(Information provided)

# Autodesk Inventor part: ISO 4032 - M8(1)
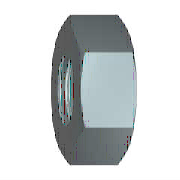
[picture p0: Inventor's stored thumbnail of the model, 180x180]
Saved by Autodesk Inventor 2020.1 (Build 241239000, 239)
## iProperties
Created: 2019-01
Part Number: ISO 4032 - M8(1)
Material: Edelstahl, 440C
Description: Sechskantmutter
Document SubType Name: Modeling
Standard: ISO 4032
Designer: lutzd
Standards Organization: DIN
Language: de-DE
Size Designation: M8
Categories: <MemberInstance><Categories><Category DisplayName="Verbindungselemente" InternalName="e4da775c-781d-43d5-af7c-5136215cf5a6" Mnemonic="FSTN"><Category DisplayNam
Mass: 5.63002 g
Surface Area: 6.18292 cm^2
Volume: 0.726454 cm^3
Density: 7.75 g/cm^3
Appearance: Halbpoliert
IsCustomPart: 0
Author: lutzd
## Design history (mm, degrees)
workaxis "Work Axis1"
workplane "Work Plane1"
sketch "Skizze1"
  geometry: L1 (-7.506, 0)-(-3.753, 6.5); L2 (-3.753, 6.5)-(3.753, 6.5); L3 (3.753, 6.5)-(7.506, 0); L4 (7.506, 0)-(3.753, -6.5); L5 (3.753, -6.5)-(-3.753, -6.5); L6 (-3.753, -6.5)-(-7.506, 0); 2 further points
  constraints: 12 end point, 1 coincident, 1 horizontal, 11 other
  dimensions: "d0" = 15.01111 distance of L3.end L1.start (= 1.1547 x SW)
extrude "Körper" new body sketch "Skizze1" distance "d1" = 6.8 (= KOH); taper "d2" = 0 deg
sketch "Skizze2"
  geometry: L1 (0, 3.753)-(0, 7.506) reference; L2 (0, 7.506)-(6.8, 7.506) reference; L3 (6.8, 3.753)-(6.8, 7.506) reference; L4 (-1.36, 0)-(8.16, 0) reference; L5 (0.985, 7.506)-(0, 5.8); L6 (5.815, 7.506)-(6.8, 5.8)
  constraints: 4 end point, 4 point on line
  dimensions: "d3" = 30 deg angle of L1 L5 (= ANG1); "d4" = 30 deg angle of L3 L6 (= ANG2); "d5" = 11.6 diameter of L5.end L4 (= SW0); "d6" = 11.6 diameter of L6.end L4 (= SW01)
revolve "Fase1" stored, may be unused: angle "d7" = 90 deg
sketch "Skizze3"
  geometry: 4 further points
  constraints: 1 coincident, 1 other
hole "Gewinde" sketch "Skizze3" diameter "d25" = 6.647; stored, may be unused: countersink angle "d29" = 82 deg, drill point angle "d31" = 118 deg; dims "d26" = 6, "d27" = 4, "d28" = 2, "d30" = 8
body "Solid1"
chamfer "Fase2" distance "d8" = 0.67658 (= -0.5 x GD1 + 0.5 x NND); stored, may be unused: angle "d9" = 30 deg, second distance "d40" = 0.67658 (= -0.5 x GD1 + 0.5 x NND)
chamfer "Fase3" distance "d10" = 0.67658 (= -0.5 x GD1 + 0.5 x NND); stored, may be unused: angle "d11" = 30 deg, second distance "d41" = 0.67658 (= -0.5 x GD1 + 0.5 x NND)
other parameters: "ANG1" = 30 deg [user parameter; used in 1 equation term], "ANG2" = 30 deg [user parameter; used in 1 equation term], "NND" = 8 [user parameter; used in 4 equation terms], "KOH" = 6.8 [user parameter; used in 1 equation term], "SW" = 13 [user parameter; used in 2 equation terms], "SW0" = 11.6 [user parameter; used in 1 equation term], "SW01" = 11.6 [user parameter; used in 1 equation term], "GD1" = 6.64684 (computed from THREADDIA, PTC, TOA) [user parameter; used in 4 equation terms], "d13" = 0, "d14" = 0, "d39" = 0, "d42" = 0, "GUL" = 0.67658 (= 0.541266 x PTC) [user parameter], "TPU" = 8 (computed from PTC) [user parameter], "THREADDIA" = 8 [user parameter; used in 1 equation term], "TOA" = 30 deg [user parameter; used in 1 equation term], "PTC" = 1.25 [user parameter; used in 4 equation terms], "E0" = 15.015 (= 1.155 x SW) [user parameter], "GAL" = 0.67658 (= 0.541266 x PTC) [user parameter]

(End Information provided)

Problem requirements: Check each line above for "points" and give the number of lines that match, nothing more.

Solved problem: 2